**What to do:**
Could you transcribe every record below exactly, leaving out any pictures?

**Data provided:**
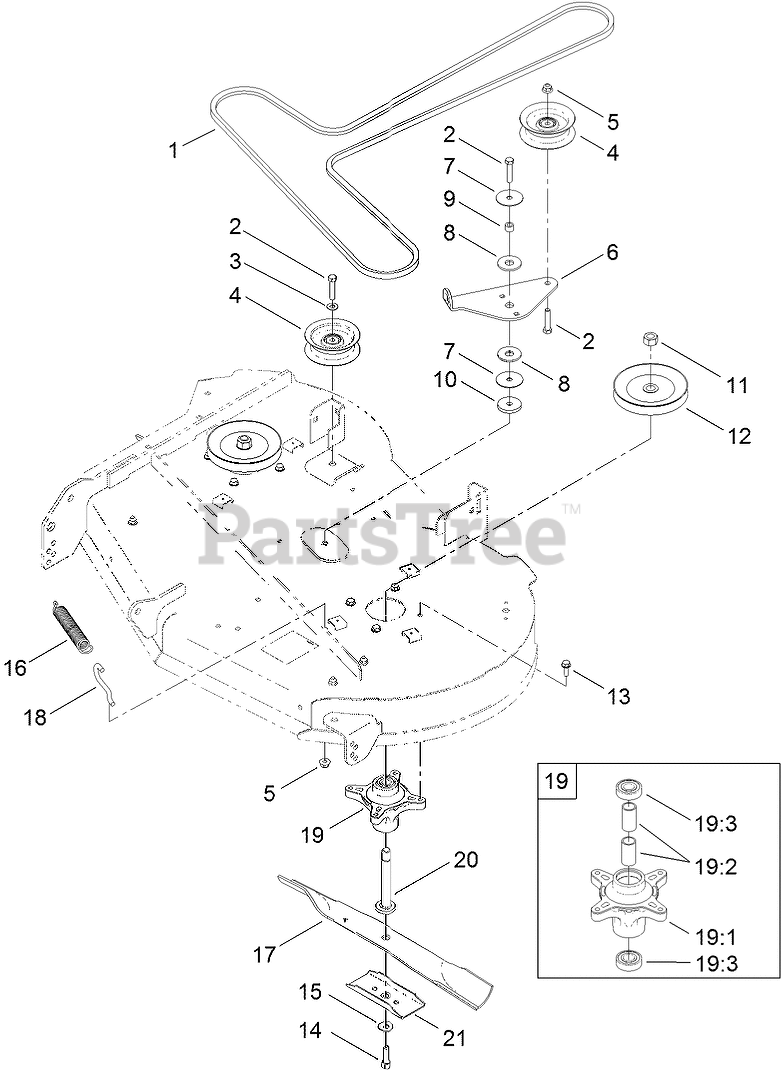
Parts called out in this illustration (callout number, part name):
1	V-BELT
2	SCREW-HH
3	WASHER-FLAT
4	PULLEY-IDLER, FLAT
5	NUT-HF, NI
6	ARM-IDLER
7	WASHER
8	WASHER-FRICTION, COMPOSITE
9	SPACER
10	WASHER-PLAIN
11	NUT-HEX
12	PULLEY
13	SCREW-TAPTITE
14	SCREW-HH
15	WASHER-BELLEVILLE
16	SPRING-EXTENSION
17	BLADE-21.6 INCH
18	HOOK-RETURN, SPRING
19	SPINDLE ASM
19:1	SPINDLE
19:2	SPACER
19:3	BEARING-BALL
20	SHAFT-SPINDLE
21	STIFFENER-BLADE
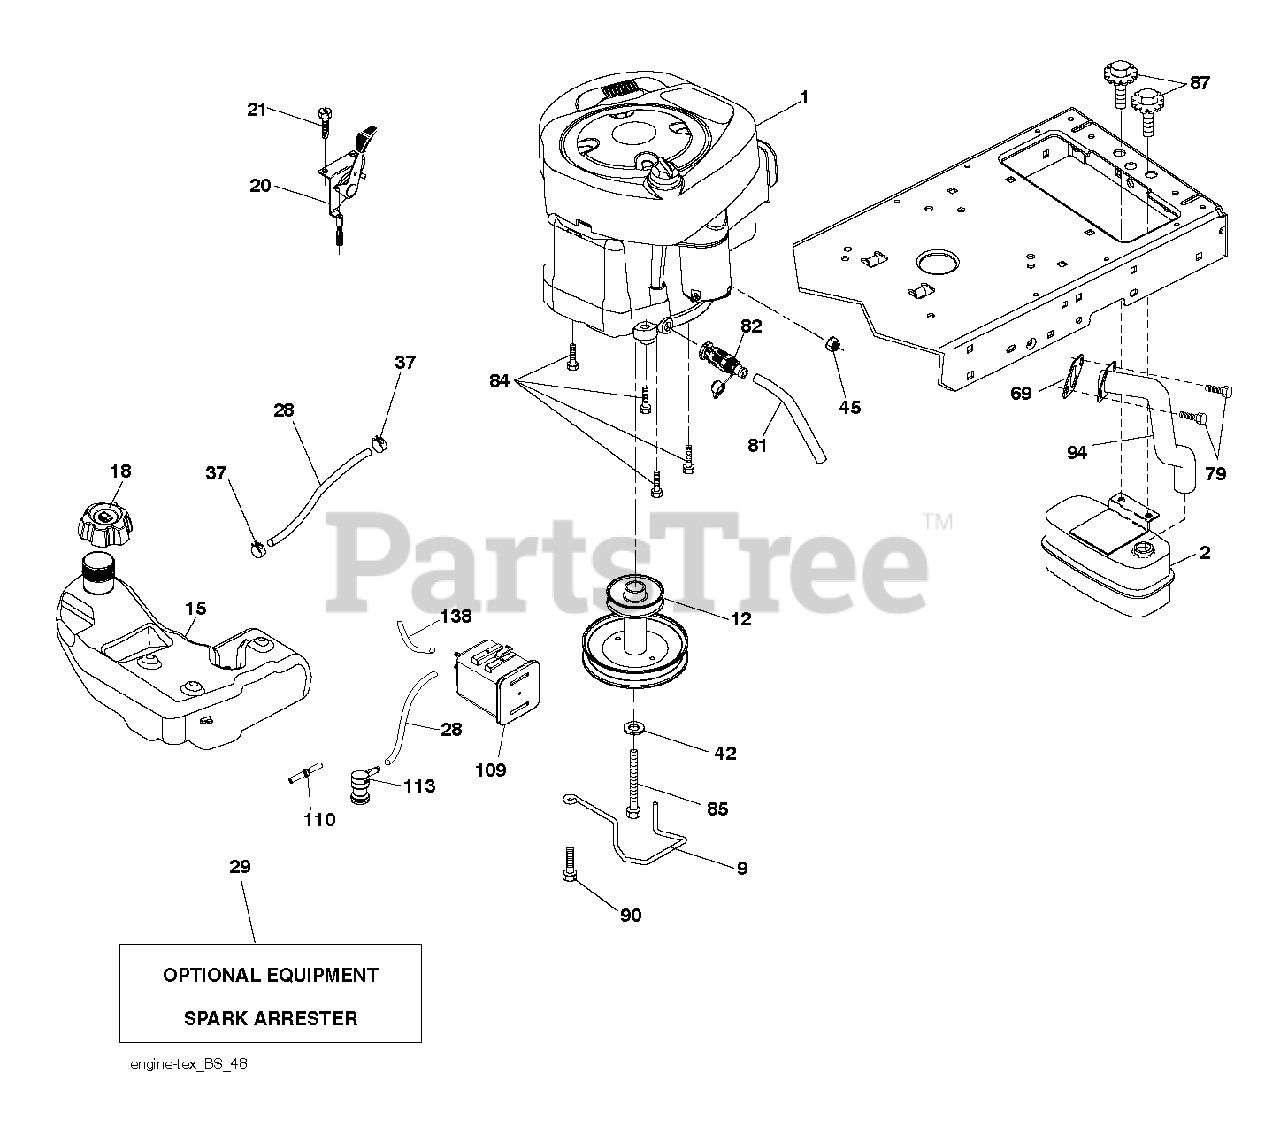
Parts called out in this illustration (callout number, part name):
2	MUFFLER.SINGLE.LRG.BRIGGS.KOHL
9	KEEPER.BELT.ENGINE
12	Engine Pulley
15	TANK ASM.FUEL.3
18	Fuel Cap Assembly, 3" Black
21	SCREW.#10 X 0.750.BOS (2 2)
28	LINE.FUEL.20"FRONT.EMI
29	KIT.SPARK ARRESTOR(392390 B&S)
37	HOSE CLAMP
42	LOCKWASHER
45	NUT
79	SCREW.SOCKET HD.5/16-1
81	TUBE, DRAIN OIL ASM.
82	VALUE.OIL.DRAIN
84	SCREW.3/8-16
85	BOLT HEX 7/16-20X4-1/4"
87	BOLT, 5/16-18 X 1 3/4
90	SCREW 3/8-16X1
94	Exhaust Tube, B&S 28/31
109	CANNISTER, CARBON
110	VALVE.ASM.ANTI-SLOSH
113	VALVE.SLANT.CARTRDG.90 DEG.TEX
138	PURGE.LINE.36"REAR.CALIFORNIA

**Task answer:**
Parts called out in this illustration (callout number, part name):
1	V-BELT
2	SCREW-HH
3	WASHER-FLAT
4	PULLEY-IDLER, FLAT
5	NUT-HF, NI
6	ARM-IDLER
7	WASHER
8	WASHER-FRICTION, COMPOSITE
9	SPACER
10	WASHER-PLAIN
11	NUT-HEX
12	PULLEY
13	SCREW-TAPTITE
14	SCREW-HH
15	WASHER-BELLEVILLE
16	SPRING-EXTENSION
17	BLADE-21.6 INCH
18	HOOK-RETURN, SPRING
19	SPINDLE ASM
19:1	SPINDLE
19:2	SPACER
19:3	BEARING-BALL
20	SHAFT-SPINDLE
21	STIFFENER-BLADE
Parts called out in this illustration (callout number, part name):
2	MUFFLER.SINGLE.LRG.BRIGGS.KOHL
9	KEEPER.BELT.ENGINE
12	Engine Pulley
15	TANK ASM.FUEL.3
18	Fuel Cap Assembly, 3" Black
21	SCREW.#10 X 0.750.BOS (2 2)
28	LINE.FUEL.20"FRONT.EMI
29	KIT.SPARK ARRESTOR(392390 B&S)
37	HOSE CLAMP
42	LOCKWASHER
45	NUT
79	SCREW.SOCKET HD.5/16-1
81	TUBE, DRAIN OIL ASM.
82	VALUE.OIL.DRAIN
84	SCREW.3/8-16
85	BOLT HEX 7/16-20X4-1/4"
87	BOLT, 5/16-18 X 1 3/4
90	SCREW 3/8-16X1
94	Exhaust Tube, B&S 28/31
109	CANNISTER, CARBON
110	VALVE.ASM.ANTI-SLOSH
113	VALVE.SLANT.CARTRDG.90 DEG.TEX
138	PURGE.LINE.36"REAR.CALIFORNIA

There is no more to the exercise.